Another reference, R. Hattori et al., IECE TRANS. ELECTRON., Vol. E83-C, No. 5, pp. 779-782, May (2000) (hereinafter simply referred to as the “Hattori reference”) discloses a circuit having a structure in which a data current is set to a storage capacitor while the data current is supplied onto the data line and flows through a driver TFT. Because a gate voltage of the driver TFT is directly determined by the data current, this system is commonly referred to as “direct specification system”.
FIG. 2 shows a structure of a circuit disclosed in the Hattori reference. A source of a p-channel driver TFT5 is connected to a power supply Vdd, an anode of an organic EL element OLED is connected to a drain of the driver TFT5 through a p-channel TFT6, and a cathode of the OLED is connected to a ground.
A gate of the driver TFT5 is connected to a data line DL through a p-channel TFT7 and is connected to a power supply line Vdd through a storage capacitor C. In addition, a connection point between the driver TFT5 and the TFT6 is connected to the data line DL through a TFT8.
A read line Read which extends along the row direction is connected to a gate of the TFT6 and a write line Write which also extends along the row direction is connected to gates of the TFT7 and TFT8.
In this circuit, while a data current corresponding to display data is supplied onto the data line DL, the write line Write is set to an L level to switch on the TFT7 and TFT8 and the read line Read is set to an H level to switch off the TFT6. With this configuration, a data current Idata flowing on the data line DL flows from the power supply Vdd through the driver TFT5 and TFT8. Because TFT7 is switched on, the gate voltage of the TFT5 is set to a voltage of the TFT5 when Idata flows through the TFT5 and this voltage is stored in the storage capacitor C.
Then, the write line Write is set to an H level and the read line Read is set to an L level to switch off the TFT7 and TFT8 and switch on the TFT6. Because the gate voltage of the TFT5 is maintained at the voltage stored in the storage capacitor C, a current identical to the current Idata continues to flow through the TFT5.
In this manner, a current Ioled corresponding to the data current Idata can flow through the organic EL element OLED and light can be emitted. In particular, in this circuit, a data voltage is written into the storage capacitor C by actually supplying the data current Idata corresponding to the display data through the driver TFT5. With this structure, it is possible to precisely set the drive current Ioled of the organic EL element OLED.
As described, with the direct specification system, it is possible to more precisely control a drive current of an organic EL element.
In such a circuit, however, a current value corresponding to minimum video data (minimum current value) is directly written into the storage capacitor. When the number of gradations is small, it is possible to set the minimum current value to a relatively large value.
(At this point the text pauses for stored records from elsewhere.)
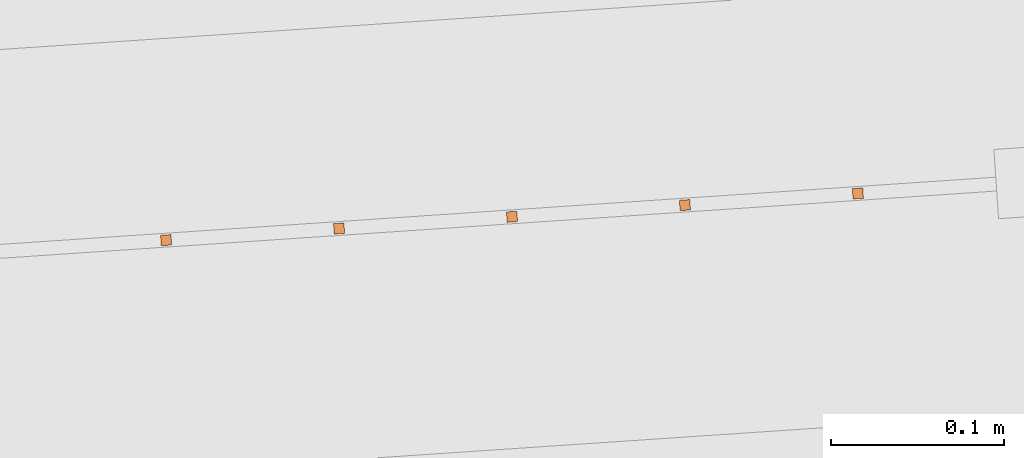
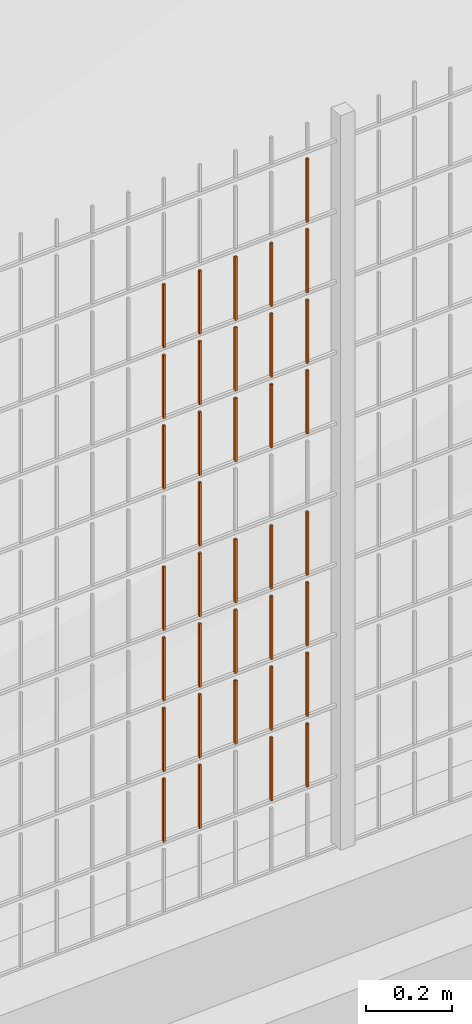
# One storey, part 89 of 1809: 36 proxies, 1 element without a shape of its own.
"""IFC2X3 building model written with IfcOpenShell, lengths in millimetres."""

from ifc_helpers import new_model, entity, si_unit, converted_unit, derived_unit, money_unit, direction, frame, origin_with_axes, place, context, subcontext, project, spatial, faceted_brep, source, transform, mapped, material, type_object, element, aggregate, save


model = new_model("IFC2X3")

# Units and contexts
model_context = context("Model", 3, precision=0.01, world=origin_with_axes(), true_north=direction((0.0, 1.0)))
body_context = subcontext(model_context, "Body", "Model", "MODEL_VIEW")
ifc_project = project(units=[si_unit("LENGTHUNIT", "METRE", prefix="MILLI"), si_unit("AREAUNIT", "SQUARE_METRE"), si_unit("VOLUMEUNIT", "CUBIC_METRE"), converted_unit("PLANEANGLEUNIT", "DEGREE", entity("IfcPlaneAngleMeasure", 0.0174532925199), si_unit("PLANEANGLEUNIT", "RADIAN"), dimensions=[0, 0, 0, 0, 0, 0, 0]), si_unit("SOLIDANGLEUNIT", "STERADIAN"), money_unit("EUR"), converted_unit("TIMEUNIT", "Year", entity("IfcTimeMeasure", 31556926.0), si_unit("TIMEUNIT", "SECOND"), dimensions=[0, 0, 1, 0, 0, 0, 0]), si_unit("MASSUNIT", "GRAM", prefix="KILO"), si_unit("THERMODYNAMICTEMPERATUREUNIT", "DEGREE_CELSIUS"), si_unit("LUMINOUSINTENSITYUNIT", "LUMEN"), si_unit("ENERGYUNIT", "JOULE", prefix="MEGA"), derived_unit("THERMALCONDUCTANCEUNIT", [(si_unit("POWERUNIT", "WATT"), 1), (si_unit("LENGTHUNIT", "METRE"), -1), (si_unit("THERMODYNAMICTEMPERATUREUNIT", "KELVIN"), -1)]), derived_unit("SPECIFICHEATCAPACITYUNIT", [(si_unit("ENERGYUNIT", "JOULE"), 1), (si_unit("MASSUNIT", "GRAM", prefix="KILO"), -1), (si_unit("THERMODYNAMICTEMPERATUREUNIT", "KELVIN"), -1)]), derived_unit("MASSDENSITYUNIT", [(si_unit("MASSUNIT", "GRAM", prefix="KILO"), 1), (si_unit("VOLUMEUNIT", "CUBIC_METRE"), -1)])], contexts=[model_context])

# Site, building, storey
site_placement = place(None, origin_with_axes())
site = spatial("IfcSite", under=ifc_project, at=site_placement, Name="Politse- ja Piirivalveameti ning Päästeameti ühishoone", CompositionType="ELEMENT")
building_placement = place(site_placement, origin_with_axes())
building = spatial("IfcBuilding", under=site, at=building_placement, Name="Politse- ja Piirivalveameti ning Päästeameti ühishoone", CompositionType="ELEMENT")
storey_placement = place(building_placement, origin_with_axes())
storey = spatial("IfcBuildingStorey", under=building, at=storey_placement, Name="Esimene korrus", CompositionType="ELEMENT", Elevation=0.0)

# Proxies
building_element_proxy_type_1 = type_object("IfcBuildingElementProxyType", Name="Railing Type", PredefinedType="NOTDEFINED")
proxy_1_placement = place(storey_placement, frame((89252.001212, -29183.4766571, 203.661247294), z_axis=(0.0, 0.0, 1.0), x_axis=(1.0, 0.0, 0.0)))
proxy_1 = element("IfcBuildingElementProxy", 1, at=proxy_1_placement, inside=storey, type_object=building_element_proxy_type_1, Name="PIIRDEAED")
ifc_material = material(Name="ET-03_Raud")
building_element_proxy_type_2 = type_object("IfcBuildingElementProxyType", Name="IfcBuildingElementProxy", PredefinedType="NOTDEFINED")
shared_shape_1 = source(origin_with_axes(), body_context, "Body", "Brep", [
    faceted_brep([(3.0, 3.0, -0.000752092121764), (-3.0, 3.0, -0.000752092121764), (-3.0, 3.0, 179.99926046), (3.0, 3.0, 179.99926046), (3.0, -3.0, 0.000752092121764), (-3.0, -3.0, 0.000752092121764), (-3.0, -3.0, 180.000764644), (3.0, -3.0, 180.000764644)], [[[0, 1, 2, 3]], [[0, 4, 5, 1]], [[1, 5, 6, 2]], [[3, 2, 6, 7]], [[4, 0, 3, 7]], [[5, 4, 7, 6]]]),
])
proxy_2_placement = place(proxy_1_placement, frame((-99699.5076655, -24032.100252, 1802.18302725), z_axis=(0.0, 0.0, 1.0), x_axis=(1.0, 0.0, 0.0)))
proxy_2 = element("IfcBuildingElementProxy", 2, at=proxy_2_placement, type_object=building_element_proxy_type_2, material=ifc_material, Name="BALUSTER - 001", context=body_context, shape_type="MappedRepresentation", body=[
    mapped(shared_shape_1, transform((0.0, 0.0, 0.0), x_axis=(-0.0673926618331, 0.997726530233, 0.0), y_axis=(-0.997726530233, -0.0673926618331, 0.0), z_axis=(0.0, 0.0, 1.0))),
])
shared_shape_2 = source(origin_with_axes(), body_context, "Body", "Brep", [
    faceted_brep([(3.0, 3.0, -0.000752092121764), (-3.0, 3.0, -0.000752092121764), (-3.0, 3.0, 179.99926046), (3.0, 3.0, 179.99926046), (3.0, -3.0, 0.000752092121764), (-3.0, -3.0, 0.000752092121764), (-3.0, -3.0, 180.000764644), (3.0, -3.0, 180.000764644)], [[[0, 1, 2, 3]], [[0, 4, 5, 1]], [[1, 5, 6, 2]], [[3, 2, 6, 7]], [[4, 0, 3, 7]], [[5, 4, 7, 6]]]),
])
proxy_3_placement = place(proxy_1_placement, frame((-100098.598278, -24059.0573168, 802.082748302), z_axis=(0.0, 0.0, 1.0), x_axis=(1.0, 0.0, 0.0)))
proxy_3 = element("IfcBuildingElementProxy", 3, at=proxy_3_placement, type_object=building_element_proxy_type_2, material=ifc_material, Name="BALUSTER - 001", context=body_context, shape_type="MappedRepresentation", body=[
    mapped(shared_shape_2, transform((0.0, 0.0, 0.0), x_axis=(-0.0673926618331, 0.997726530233, 0.0), y_axis=(-0.997726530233, -0.0673926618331, 0.0), z_axis=(0.0, 0.0, 1.0))),
])
proxy_4_placement = place(proxy_1_placement, frame((-99699.5076655, -24032.100252, 1202.18302725), z_axis=(0.0, 0.0, 1.0), x_axis=(1.0, 0.0, 0.0)))
proxy_4 = element("IfcBuildingElementProxy", 4, at=proxy_4_placement, type_object=building_element_proxy_type_2, material=ifc_material, Name="BALUSTER - 001", context=body_context, shape_type="MappedRepresentation", body=[
    mapped(shared_shape_2, transform((0.0, 0.0, 0.0), x_axis=(-0.0673926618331, 0.997726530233, 0.0), y_axis=(-0.997726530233, -0.0673926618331, 0.0), z_axis=(0.0, 0.0, 1.0))),
])
shared_shape_3 = source(origin_with_axes(), body_context, "Body", "Brep", [
    faceted_brep([(3.0, 3.0, -0.000752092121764), (-3.0, 3.0, -0.000752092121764), (-3.0, 3.0, 179.99926046), (3.0, 3.0, 179.99926046), (3.0, -3.0, 0.000752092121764), (-3.0, -3.0, 0.000752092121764), (-3.0, -3.0, 180.000764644), (3.0, -3.0, 180.000764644)], [[[0, 1, 2, 3]], [[0, 4, 5, 1]], [[1, 5, 6, 2]], [[3, 2, 6, 7]], [[4, 0, 3, 7]], [[5, 4, 7, 6]]]),
])
proxy_5_placement = place(proxy_1_placement, frame((-100098.598278, -24059.0573168, 402.082748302), z_axis=(0.0, 0.0, 1.0), x_axis=(1.0, 0.0, 0.0)))
proxy_5 = element("IfcBuildingElementProxy", 5, at=proxy_5_placement, type_object=building_element_proxy_type_2, material=ifc_material, Name="BALUSTER - 001", context=body_context, shape_type="MappedRepresentation", body=[
    mapped(shared_shape_3, transform((0.0, 0.0, 0.0), x_axis=(-0.0673926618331, 0.997726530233, 0.0), y_axis=(-0.997726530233, -0.0673926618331, 0.0), z_axis=(0.0, 0.0, 1.0))),
])
shared_shape_4 = source(origin_with_axes(), body_context, "Body", "Brep", [
    faceted_brep([(3.0, 3.0, -0.000752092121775), (-3.0, 3.0, -0.000752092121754), (-3.0, 3.0, 179.99926046), (3.0, 3.0, 179.99926046), (3.0, -3.0, 0.000752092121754), (-3.0, -3.0, 0.000752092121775), (-3.0, -3.0, 180.000764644), (3.0, -3.0, 180.000764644)], [[[0, 1, 2, 3]], [[0, 4, 5, 1]], [[1, 5, 6, 2]], [[3, 2, 6, 7]], [[4, 0, 3, 7]], [[5, 4, 7, 6]]]),
])
proxy_6_placement = place(proxy_1_placement, frame((-99799.2803185, -24038.8395182, 202.157957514), z_axis=(0.0, 0.0, 1.0), x_axis=(1.0, 0.0, 0.0)))
proxy_6 = element("IfcBuildingElementProxy", 6, at=proxy_6_placement, type_object=building_element_proxy_type_2, material=ifc_material, Name="BALUSTER - 001", context=body_context, shape_type="MappedRepresentation", body=[
    mapped(shared_shape_4, transform((0.0, 0.0, 0.0), x_axis=(-0.0673926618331, 0.997726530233, 0.0), y_axis=(-0.997726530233, -0.0673926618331, 0.0), z_axis=(0.0, 0.0, 1.0))),
])
proxy_7_placement = place(proxy_1_placement, frame((-99799.2803185, -24038.8395182, 402.157957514), z_axis=(0.0, 0.0, 1.0), x_axis=(1.0, 0.0, 0.0)))
proxy_7 = element("IfcBuildingElementProxy", 7, at=proxy_7_placement, type_object=building_element_proxy_type_2, material=ifc_material, Name="BALUSTER - 001", context=body_context, shape_type="MappedRepresentation", body=[
    mapped(shared_shape_4, transform((0.0, 0.0, 0.0), x_axis=(-0.0673926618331, 0.997726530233, 0.0), y_axis=(-0.997726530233, -0.0673926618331, 0.0), z_axis=(0.0, 0.0, 1.0))),
])
shared_shape_5 = source(origin_with_axes(), body_context, "Body", "Brep", [
    faceted_brep([(3.0, 3.0, -0.000752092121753), (-3.0, 3.0, -0.000752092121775), (-3.0, 3.0, 179.99926046), (3.0, 3.0, 179.99926046), (3.0, -3.0, 0.000752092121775), (-3.0, -3.0, 0.000752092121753), (-3.0, -3.0, 180.000764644), (3.0, -3.0, 180.000764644)], [[[0, 1, 2, 3]], [[0, 4, 5, 1]], [[1, 5, 6, 2]], [[3, 2, 6, 7]], [[4, 0, 3, 7]], [[5, 4, 7, 6]]]),
])
proxy_8_placement = place(proxy_1_placement, frame((-99998.8256245, -24052.3180506, 202.10781804), z_axis=(0.0, 0.0, 1.0), x_axis=(1.0, 0.0, 0.0)))
proxy_8 = element("IfcBuildingElementProxy", 8, at=proxy_8_placement, type_object=building_element_proxy_type_2, material=ifc_material, Name="BALUSTER - 001", context=body_context, shape_type="MappedRepresentation", body=[
    mapped(shared_shape_5, transform((0.0, 0.0, 0.0), x_axis=(-0.0673926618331, 0.997726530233, 0.0), y_axis=(-0.997726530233, -0.0673926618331, 0.0), z_axis=(0.0, 0.0, 1.0))),
])
shared_shape_6 = source(origin_with_axes(), body_context, "Body", "Brep", [
    faceted_brep([(3.0, 3.0, -0.000752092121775), (-3.0, 3.0, -0.000752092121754), (-3.0, 3.0, 179.99926046), (3.0, 3.0, 179.99926046), (3.0, -3.0, 0.000752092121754), (-3.0, -3.0, 0.000752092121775), (-3.0, -3.0, 180.000764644), (3.0, -3.0, 180.000764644)], [[[0, 1, 2, 3]], [[0, 4, 5, 1]], [[1, 5, 6, 2]], [[3, 2, 6, 7]], [[4, 0, 3, 7]], [[5, 4, 7, 6]]]),
])
proxy_9_placement = place(proxy_1_placement, frame((-99799.2803185, -24038.8395182, 602.157957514), z_axis=(0.0, 0.0, 1.0), x_axis=(1.0, 0.0, 0.0)))
proxy_9 = element("IfcBuildingElementProxy", 9, at=proxy_9_placement, type_object=building_element_proxy_type_2, material=ifc_material, Name="BALUSTER - 001", context=body_context, shape_type="MappedRepresentation", body=[
    mapped(shared_shape_6, transform((0.0, 0.0, 0.0), x_axis=(-0.0673926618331, 0.997726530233, 0.0), y_axis=(-0.997726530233, -0.0673926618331, 0.0), z_axis=(0.0, 0.0, 1.0))),
])
shared_shape_7 = source(origin_with_axes(), body_context, "Body", "Brep", [
    faceted_brep([(3.0, 3.0, -0.000752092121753), (-3.0, 3.0, -0.000752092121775), (-3.0, 3.0, 179.99926046), (3.0, 3.0, 179.99926046), (3.0, -3.0, 0.000752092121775), (-3.0, -3.0, 0.000752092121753), (-3.0, -3.0, 180.000764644), (3.0, -3.0, 180.000764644)], [[[0, 1, 2, 3]], [[0, 4, 5, 1]], [[1, 5, 6, 2]], [[3, 2, 6, 7]], [[4, 0, 3, 7]], [[5, 4, 7, 6]]]),
])
proxy_10_placement = place(proxy_1_placement, frame((-99699.5076655, -24032.100252, 402.183027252), z_axis=(0.0, 0.0, 1.0), x_axis=(1.0, 0.0, 0.0)))
proxy_10 = element("IfcBuildingElementProxy", 10, at=proxy_10_placement, type_object=building_element_proxy_type_2, material=ifc_material, Name="BALUSTER - 001", context=body_context, shape_type="MappedRepresentation", body=[
    mapped(shared_shape_7, transform((0.0, 0.0, 0.0), x_axis=(-0.0673926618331, 0.997726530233, 0.0), y_axis=(-0.997726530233, -0.0673926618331, 0.0), z_axis=(0.0, 0.0, 1.0))),
])
shared_shape_8 = source(origin_with_axes(), body_context, "Body", "Brep", [
    faceted_brep([(3.0, 3.0, -0.000752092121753), (-3.0, 3.0, -0.000752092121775), (-3.0, 3.0, 179.99926046), (3.0, 3.0, 179.99926046), (3.0, -3.0, 0.000752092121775), (-3.0, -3.0, 0.000752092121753), (-3.0, -3.0, 180.000764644), (3.0, -3.0, 180.000764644)], [[[0, 1, 2, 3]], [[0, 4, 5, 1]], [[1, 5, 6, 2]], [[3, 2, 6, 7]], [[4, 0, 3, 7]], [[5, 4, 7, 6]]]),
])
proxy_11_placement = place(proxy_1_placement, frame((-99998.8256245, -24052.3180506, 802.10781804), z_axis=(0.0, 0.0, 1.0), x_axis=(1.0, 0.0, 0.0)))
proxy_11 = element("IfcBuildingElementProxy", 11, at=proxy_11_placement, type_object=building_element_proxy_type_2, material=ifc_material, Name="BALUSTER - 001", context=body_context, shape_type="MappedRepresentation", body=[
    mapped(shared_shape_8, transform((0.0, 0.0, 0.0), x_axis=(-0.0673926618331, 0.997726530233, 0.0), y_axis=(-0.997726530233, -0.0673926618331, 0.0), z_axis=(0.0, 0.0, 1.0))),
])
shared_shape_9 = source(origin_with_axes(), body_context, "Body", "Brep", [
    faceted_brep([(3.0, 3.0, -0.000752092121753), (-3.0, 3.0, -0.000752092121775), (-3.0, 3.0, 179.99926046), (3.0, 3.0, 179.99926046), (3.0, -3.0, 0.000752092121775), (-3.0, -3.0, 0.000752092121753), (-3.0, -3.0, 180.000764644), (3.0, -3.0, 180.000764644)], [[[0, 1, 2, 3]], [[0, 4, 5, 1]], [[1, 5, 6, 2]], [[3, 2, 6, 7]], [[4, 0, 3, 7]], [[5, 4, 7, 6]]]),
])
proxy_12_placement = place(proxy_1_placement, frame((-99699.5076655, -24032.100252, 802.183027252), z_axis=(0.0, 0.0, 1.0), x_axis=(1.0, 0.0, 0.0)))
proxy_12 = element("IfcBuildingElementProxy", 12, at=proxy_12_placement, type_object=building_element_proxy_type_2, material=ifc_material, Name="BALUSTER - 001", context=body_context, shape_type="MappedRepresentation", body=[
    mapped(shared_shape_9, transform((0.0, 0.0, 0.0), x_axis=(-0.0673926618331, 0.997726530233, 0.0), y_axis=(-0.997726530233, -0.0673926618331, 0.0), z_axis=(0.0, 0.0, 1.0))),
])
shared_shape_10 = source(origin_with_axes(), body_context, "Body", "Brep", [
    faceted_brep([(3.0, 3.0, -0.000752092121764), (-3.0, 3.0, -0.000752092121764), (-3.0, 3.0, 179.99926046), (3.0, 3.0, 179.99926046), (3.0, -3.0, 0.000752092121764), (-3.0, -3.0, 0.000752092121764), (-3.0, -3.0, 180.000764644), (3.0, -3.0, 180.000764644)], [[[0, 1, 2, 3]], [[0, 4, 5, 1]], [[1, 5, 6, 2]], [[3, 2, 6, 7]], [[4, 0, 3, 7]], [[5, 4, 7, 6]]]),
])
proxy_13_placement = place(proxy_1_placement, frame((-99699.5076655, -24032.100252, 1402.18302725), z_axis=(0.0, 0.0, 1.0), x_axis=(1.0, 0.0, 0.0)))
proxy_13 = element("IfcBuildingElementProxy", 13, at=proxy_13_placement, type_object=building_element_proxy_type_2, material=ifc_material, Name="BALUSTER - 001", context=body_context, shape_type="MappedRepresentation", body=[
    mapped(shared_shape_10, transform((0.0, 0.0, 0.0), x_axis=(-0.0673926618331, 0.997726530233, 0.0), y_axis=(-0.997726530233, -0.0673926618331, 0.0), z_axis=(0.0, 0.0, 1.0))),
])
proxy_14_placement = place(proxy_1_placement, frame((-99699.5076655, -24032.100252, 1602.18302725), z_axis=(0.0, 0.0, 1.0), x_axis=(1.0, 0.0, 0.0)))
proxy_14 = element("IfcBuildingElementProxy", 14, at=proxy_14_placement, type_object=building_element_proxy_type_2, material=ifc_material, Name="BALUSTER - 001", context=body_context, shape_type="MappedRepresentation", body=[
    mapped(shared_shape_10, transform((0.0, 0.0, 0.0), x_axis=(-0.0673926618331, 0.997726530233, 0.0), y_axis=(-0.997726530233, -0.0673926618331, 0.0), z_axis=(0.0, 0.0, 1.0))),
])
shared_shape_11 = source(origin_with_axes(), body_context, "Body", "Brep", [
    faceted_brep([(3.0, 3.0, -0.000752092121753), (-3.0, 3.0, -0.000752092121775), (-3.0, 3.0, 179.99926046), (3.0, 3.0, 179.99926046), (3.0, -3.0, 0.000752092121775), (-3.0, -3.0, 0.000752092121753), (-3.0, -3.0, 180.000764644), (3.0, -3.0, 180.000764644)], [[[0, 1, 2, 3]], [[0, 4, 5, 1]], [[1, 5, 6, 2]], [[3, 2, 6, 7]], [[4, 0, 3, 7]], [[5, 4, 7, 6]]]),
])
proxy_15_placement = place(proxy_1_placement, frame((-99998.8256245, -24052.3180506, 602.10781804), z_axis=(0.0, 0.0, 1.0), x_axis=(1.0, 0.0, 0.0)))
proxy_15 = element("IfcBuildingElementProxy", 15, at=proxy_15_placement, type_object=building_element_proxy_type_2, material=ifc_material, Name="BALUSTER - 001", context=body_context, shape_type="MappedRepresentation", body=[
    mapped(shared_shape_11, transform((0.0, 0.0, 0.0), x_axis=(-0.0673926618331, 0.997726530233, 0.0), y_axis=(-0.997726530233, -0.0673926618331, 0.0), z_axis=(0.0, 0.0, 1.0))),
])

However, when it is desired that the number of gradations be large in order to realize a high resolution display, the minimum current value is significantly small. In order to reliably set a charge voltage of the storage capacitor corresponding to a data current having a small current value, the time required for writing data for each pixel becomes significantly large. Therefore, in a direct specification system, there had been a problem in that a display with a large number of pixels and a large number of gradations was difficult.
In the indirect specification system, on the other hand, it is possible to set the write current corresponding to the minimum video data to a relatively large value by changing the sizes (size ratio) of the TFT1 and TFT2, which allows for a short writing time. However, as described above, the indirect specification system is inferior to the direct specification system in the precision of written data.